--- THE PROBLEM ---
Copy exactly the lines from the one containing "# Autodesk Inventor part: 스프링1" through the last line of the records below, including both, and leave out any pictures.

Stored dataset items:
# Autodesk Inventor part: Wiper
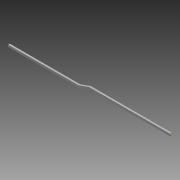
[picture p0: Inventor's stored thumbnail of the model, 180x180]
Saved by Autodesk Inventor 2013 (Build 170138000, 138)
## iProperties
Created: 2006-03
Part Number: Wiper
Document SubType Name: Modeling
Designer: debonom
Material: Stainless Steel, 440C
Mass: 28.0148 g
Surface Area: 42.4106 cm^2
Volume: 3.61481 cm^3
Density: 7.75 g/cm^3
Author: debonom
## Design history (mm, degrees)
sketch "Sketch1"
  geometry: L1 (-1.5, 2)-(1.5, 2); L2 (1.5, 2)-(1.5, -2); L3 (1.5, -2)-(-1.5, -2); L4 (-1.5, -2)-(-1.5, 2); L5 (-1.5, 2)-(1.5, -2); 2 further points
  constraints: 10 end point, 2 parallel, 1 coincident, 1 horizontal, 1 midpoint, 1 perpendicular
  dimensions: "d0" = 3 distance of L1.start L1.end; "d1" = 4 distance of L3.end L1.start
sketch "Sketch2"
  geometry: L1 (0, 0)-(150, 0); L2 (150, 0)-(169.232, -7); L3 (169.232, -7)-(300, -7)
  constraints: 6 end point, 1 horizontal, 1 parallel
  dimensions: "d2" = 150 distance of L1.start L1.end; "d3" = 160 deg angle of L2 L1; "d4" = 300 horizontal distance of L3.end L1.start; "d5" = 7 distance between parallel lines of L3 L1
sweep "Sweep1" sketch "Sketch1", "Sketch2" dims "d6" = 0
fillet "Fillet1" dims "d7" = 5
workaxis "Work Axis1"
workaxis "Work Axis2"
body "Solid1"
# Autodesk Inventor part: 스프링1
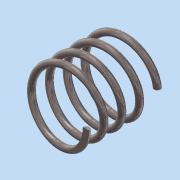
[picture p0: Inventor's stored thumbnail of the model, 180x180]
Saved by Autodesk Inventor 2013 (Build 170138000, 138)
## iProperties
Created: 2016-07
Part Number: 스프링1
Material: 스테인리스강
Document SubType Name: Modeling
Designer: Administrator
Density: 8.08 g/cm^3
Mass: 6.33594 g
Surface Area: 15.8123 cm^2
Volume: 0.784151 cm^3
Author: Administrator
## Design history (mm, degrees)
sketch "스케치1"
  geometry: L1 (0, 0)-(0, 22.5); L2 (0, 22.5)-(11.971, 22.5); C1 r 1 at (10, 0)
  constraints: 4 end point, 1 centre point, 1 horizontal alignment, 1 perpendicular, 1 vertical
  dimensions: "d0" = 22.5 distance of L1.start L1.end (derived); "d1" = 2 diameter of C1; "d2" = 20 diameter of C1.centre L1
feature "코일1" sketch "스케치1" pitch "d3" = 10; turns "d5" = 4; dims "d4" = 22.5 (= d0), "d6" = 0, angle "d7" = 90 deg, angle "d8" = 90 deg, "d9" = 0, "d10" = 0
sketch "스케치2"
  geometry: L1 (25, 15)-(0, 15); L2 (0, 15)-(0, -15); L3 (0, -15)-(25, -15); L4 (25, -15)-(25, 15); 2 further points
  constraints: 8 end point, 2 parallel, 1 coincident, 1 horizontal, 1 midpoint, 1 perpendicular
  dimensions: "d11" = 30 distance between parallel lines of L3 L1; "d13" = 25 distance of L1.start L1.end (derived)
extrude "돌출1" sketch "스케치2" stored distance "d14" = 30; taper "d15" = 0 deg
node "솔리드1"

--- OUTPUT BELOW ---
# Autodesk Inventor part: 스프링1
[picture p0: Inventor's stored thumbnail of the model, 180x180]
Saved by Autodesk Inventor 2013 (Build 170138000, 138)
## iProperties
Created: 2016-07
Part Number: 스프링1
Material: 스테인리스강
Document SubType Name: Modeling
Designer: Administrator
Density: 8.08 g/cm^3
Mass: 6.33594 g
Surface Area: 15.8123 cm^2
Volume: 0.784151 cm^3
Author: Administrator
## Design history (mm, degrees)
sketch "스케치1"
  geometry: L1 (0, 0)-(0, 22.5); L2 (0, 22.5)-(11.971, 22.5); C1 r 1 at (10, 0)
  constraints: 4 end point, 1 centre point, 1 horizontal alignment, 1 perpendicular, 1 vertical
  dimensions: "d0" = 22.5 distance of L1.start L1.end (derived); "d1" = 2 diameter of C1; "d2" = 20 diameter of C1.centre L1
feature "코일1" sketch "스케치1" pitch "d3" = 10; turns "d5" = 4; dims "d4" = 22.5 (= d0), "d6" = 0, angle "d7" = 90 deg, angle "d8" = 90 deg, "d9" = 0, "d10" = 0
sketch "스케치2"
  geometry: L1 (25, 15)-(0, 15); L2 (0, 15)-(0, -15); L3 (0, -15)-(25, -15); L4 (25, -15)-(25, 15); 2 further points
  constraints: 8 end point, 2 parallel, 1 coincident, 1 horizontal, 1 midpoint, 1 perpendicular
  dimensions: "d11" = 30 distance between parallel lines of L3 L1; "d13" = 25 distance of L1.start L1.end (derived)
extrude "돌출1" sketch "스케치2" stored distance "d14" = 30; taper "d15" = 0 deg
node "솔리드1"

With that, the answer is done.